We climbed up over Newchurch then down into Barley, followed by the long haul upwards along the south side of Pendle hill.
After the long descent into Downham there was a brief blast along the A59 before turning left towards Sabden. There followed the tough climb up over the Nick of Pendle, down into Sabden, then escape the hole in which Sabden sits via what is locally known as White Hill.
A few more undulations saw us back home, having covered 19.4 miles with 2,200 ft climbed.

Pros:
'Er indoors got over some hills which she couldn't manage previously, meaning that it's possible for us both to ride out from home together.
I had my own private derny bike to help me into the headwind on the A59.

Cons:
The bike only comes in one size, which is too big for her.
It's heavy.
She thought that the hub drive didn't have enough control. Too much assistance on the flat even at the lowest setting. Slight headwind coupled with the weight had her struggling without assistance.
I got tired of being overtaken on the climbs with her shouting encouragements such as "come on, tosser, dig in"!

Verdict - we've resolved to carry on with the research before we commit. Wifey liked the freedom she would have to escape our valley, but the Benelli is not the right tool in this instance.


----------



## ufkacbln (10 Oct 2016)

Pale Rider said:


> I see the company offer two front wheel conversions - a 500w and a 250w.
> 
> Obviously, we don't know which one you will be trying but you may like to know the difference.
> 
> ...




The problem will be the legality of the machine

Speed is not the only factor.

You are "allowed" 250W, the 500W conversion is not road legal


----------



## ufkacbln (10 Oct 2016)

Oldfentiger said:


> Update after our ride on Saturday........
> 
> We climbed up over Newchurch then down into Barley, followed by the long haul upwards along the south side of Pendle hill.
> After the long descent into Downham there was a brief blast along the A59 before turning left towards Sabden. There followed the tough climb up over the Nick of Pendle, down into Sabden, then escape the hole in which Sabden sits via what is locally known as White Hill.
> ...



There are some conversions / bikes that are controlled by the pedal input and allow a variation of the power, there is no throttle (or you can fit an over-ride throttle)

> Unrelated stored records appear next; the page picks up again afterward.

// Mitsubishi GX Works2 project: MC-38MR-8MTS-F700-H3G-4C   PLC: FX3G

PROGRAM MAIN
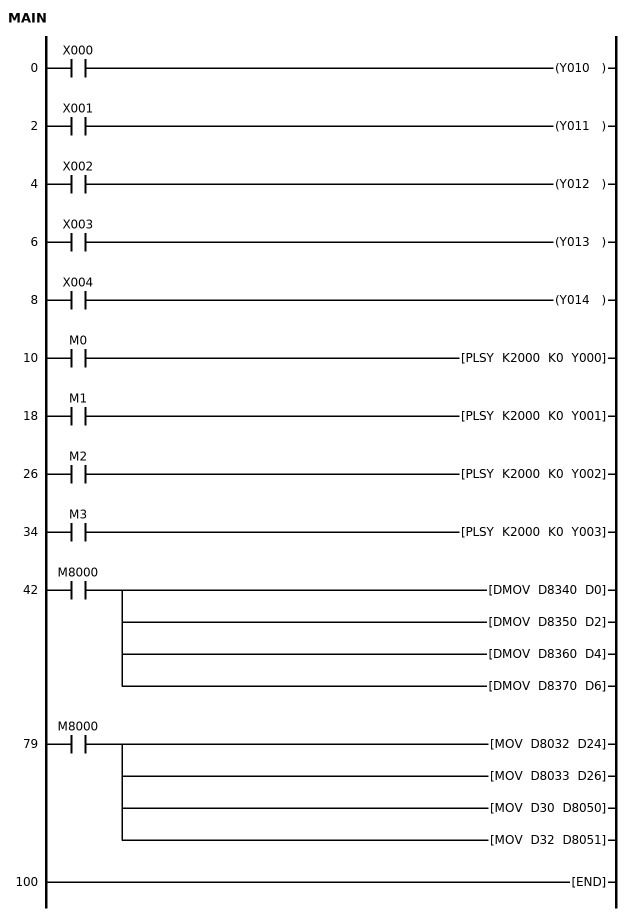
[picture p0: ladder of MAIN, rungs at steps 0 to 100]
0     LD      X000
      OUT     Y010
2     LD      X001
      OUT     Y011
4     LD      X002
      OUT     Y012
6     LD      X003
      OUT     Y013
8     LD      X004
      OUT     Y014
10    LD      M0
      PLSY    K2000 K0 Y000
18    LD      M1
      PLSY    K2000 K0 Y001
26    LD      M2
      PLSY    K2000 K0 Y002
34    LD      M3
      PLSY    K2000 K0 Y003
42    LD      M8000
      DMOV    D8340 D0
      DMOV    D8350 D2
      DMOV    D8360 D4
      DMOV    D8370 D6
79    LD      M8000
      MOV     D8032 D24
      MOV     D8033 D26
      MOV     D30 D8050
      MOV     D32 D8051
100   END
END_PROGRAM
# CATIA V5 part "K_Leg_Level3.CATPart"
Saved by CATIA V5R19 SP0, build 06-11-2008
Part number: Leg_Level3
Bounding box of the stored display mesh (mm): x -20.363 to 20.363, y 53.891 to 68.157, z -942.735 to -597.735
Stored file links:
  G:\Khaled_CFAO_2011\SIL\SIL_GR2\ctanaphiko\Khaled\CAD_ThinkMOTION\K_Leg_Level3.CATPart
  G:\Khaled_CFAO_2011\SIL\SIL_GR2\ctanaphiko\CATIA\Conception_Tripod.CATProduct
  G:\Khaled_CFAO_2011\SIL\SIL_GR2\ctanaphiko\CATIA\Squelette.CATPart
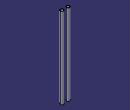
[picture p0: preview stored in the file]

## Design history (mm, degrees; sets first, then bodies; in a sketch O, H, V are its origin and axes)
External parameters (linked from other documents)
  External.Dia_Leg_Step3 = 14.3 mm
  External.Thick_Leg_Step3 = 1.43 mm
AxisSystem1: origin (0, 0, 0), X (1, 0, 0), Y (0, 1, 0), Z (0, 0, 1)
Set1
  Plane1: linked copy from another document
  DatumPoint1: linked copy from another document
  DatumPoint2: linked copy from another document
  Line1: linked copy from another document
Body1 (main body)
  Sketch1 on Plane1, origin (0, 0, -597.7345), H (1, 0, 0), V (0, 1, 0)
    circle A1 centre (-13.2127, 61.024) radius 7.15
    point P1 (-13.2127, 61.024)
    circle A2 centre (13.2127, 61.024) radius 7.15
    point P2 (13.2127, 61.024)
    reference projected point E1 (-13.2127, 61.024) from DatumPoint1
    reference projected point E2 (13.2127, 61.024) from DatumPoint2
    radius A1 = 7.15 {= External.Dia_Leg_Step3 /2}
    radius A2 = 7.15 {= External.Dia_Leg_Step3 /2}
    coincidence: P1 E1, P2 E2
  Rib1: profile Sketch1, centre curve Line1, thin wall 1.43 {= External.Thick_Leg_Step3}

We have a Bionx on my wife's trike (other options are available)

You "dial in" the assistance you wish (25%, 50%, 100%, 200%) and the motor then provides that much assistance. It works with an internal sensor reading the pressure you put on the pedals and providing a matched input. Use of gears further "tailors" the input as the sensor pressure changes with gear

It suits us because when she is feeling OK she can ride the bike without power, odr at 25% and as she tires crank up the assistance.

The downside is that it is a bit like gears, sometimes (for instance on hills) being in the right selection as you approach is better than trying to change once yo are on the hill


----------



## Pale Rider (10 Oct 2016)

Oldfentiger said:


> Update after our ride on Saturday........
> 
> We climbed up over Newchurch then down into Barley, followed by the long haul upwards along the south side of Pendle hill.
> After the long descent into Downham there was a brief blast along the A59 before turning left towards Sabden. There followed the tough climb up over the Nick of Pendle, down into Sabden, then escape the hole in which Sabden sits via what is locally known as White Hill.
> ...



The control of most hub bikes is crude in comparison to crank drives.

A crank drive has road speed, cadence, and torque sensors - if the software is up to snuff they give a very natural ride.

No throttle, so you just set the assistance level and get on with it.

My Bosch bikes work that way, on the rides we've done together I haven't touched the controls, so I change down/push harder up hills and into headwinds the same as a push biker.

Other crank drives which work well are made by Yamaha and Shimano.

A bike you could try next is the Lithium/Shimano ebike offered by Evans.

It comes in three sizes and is reasonable value at £1,800.

A couple of other makes to consider are Cube and KTM, both use the Bosch system and their bikes are also available in different sizes.

One problem with all of them is common to the Benelli - weight.

There's no easy answer to that, but the smooth and natural ride of a crank drive might make the lardiness easier for Mrs Oft to put up with.

https://www.evanscycles.com/pinnacle-lithium-ion-2017-electric-bike-EV267144


----------



## Nibor (10 Oct 2016)

Blood Sweat and Gears in Accrington has a KTM ebike it is full suspension but he will let you have a go and it will give you the feel of a crank drive ebike. They are on 01254233948. Closed Monday though


----------



## Oldfentiger (10 Oct 2016)

She has ordered a Haibike.
A bit more expensive, but I'm happy that she's chosen a quality bike with the right kit (Bosch).
Thanks for all the input. Most helpful.


----------



## Pale Rider (10 Oct 2016)

Oldfentiger said:


> She has ordered a Haibike.
> A bit more expensive, but I'm happy that she's chosen a quality bike with the right kit (Bosch).
> Thanks for all the input. Most helpful.



Nice, and certainly about as good an ebike as is currently available.

Another advantage of crank drives is they are a standard bike either side of the motor.

All the bits - brakes, wheels, gears, fork, etc - are by mainstream makers and easily serviceable or replaceable,

Quick release both ends - assuming you are having derailers - so fixing a puncture is the same as an ordinary bike.

Reliability can never be guaranteed, but Bosch has made more than a million crank drive motors - they made a gold one to mark the milestone.

That's an awful lot for a niche product, and you rarely hear of the motors giving much bother.

Thousands of problem-free miles on my two.

Hopefully the weight of the Haibike won't bother the Mrs too much.

A bit more would make no difference, so she can now carry your sarnies as well as her own.


----------